# [Work request]
What is needed here is every entry, retyped exactly.

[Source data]
+--

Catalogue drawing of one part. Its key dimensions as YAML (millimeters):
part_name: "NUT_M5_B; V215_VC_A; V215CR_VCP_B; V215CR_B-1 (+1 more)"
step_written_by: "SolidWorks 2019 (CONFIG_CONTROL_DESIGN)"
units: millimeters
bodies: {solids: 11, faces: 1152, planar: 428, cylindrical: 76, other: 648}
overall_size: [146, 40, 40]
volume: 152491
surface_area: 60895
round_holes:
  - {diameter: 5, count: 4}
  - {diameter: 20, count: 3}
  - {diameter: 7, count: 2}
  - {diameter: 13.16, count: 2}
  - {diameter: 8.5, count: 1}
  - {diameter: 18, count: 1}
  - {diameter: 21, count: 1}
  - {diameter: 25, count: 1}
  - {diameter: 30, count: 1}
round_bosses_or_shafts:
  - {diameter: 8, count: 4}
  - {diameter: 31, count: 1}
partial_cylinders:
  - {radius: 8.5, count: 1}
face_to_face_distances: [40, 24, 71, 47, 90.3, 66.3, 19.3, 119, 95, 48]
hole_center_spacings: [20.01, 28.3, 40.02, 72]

+--

# [Output]
Catalogue drawing of one part. Its key dimensions as YAML (millimeters):
part_name: "NUT_M5_B; V215_VC_A; V215CR_VCP_B; V215CR_B-1 (+1 more)"
step_written_by: "SolidWorks 2019 (CONFIG_CONTROL_DESIGN)"
units: millimeters
bodies: {solids: 11, faces: 1152, planar: 428, cylindrical: 76, other: 648}
overall_size: [146, 40, 40]
volume: 152491
surface_area: 60895
round_holes:
  - {diameter: 5, count: 4}
  - {diameter: 20, count: 3}
  - {diameter: 7, count: 2}
  - {diameter: 13.16, count: 2}
  - {diameter: 8.5, count: 1}
  - {diameter: 18, count: 1}
  - {diameter: 21, count: 1}
  - {diameter: 25, count: 1}
  - {diameter: 30, count: 1}
round_bosses_or_shafts:
  - {diameter: 8, count: 4}
  - {diameter: 31, count: 1}
partial_cylinders:
  - {radius: 8.5, count: 1}
face_to_face_distances: [40, 24, 71, 47, 90.3, 66.3, 19.3, 119, 95, 48]
hole_center_spacings: [20.01, 28.3, 40.02, 72]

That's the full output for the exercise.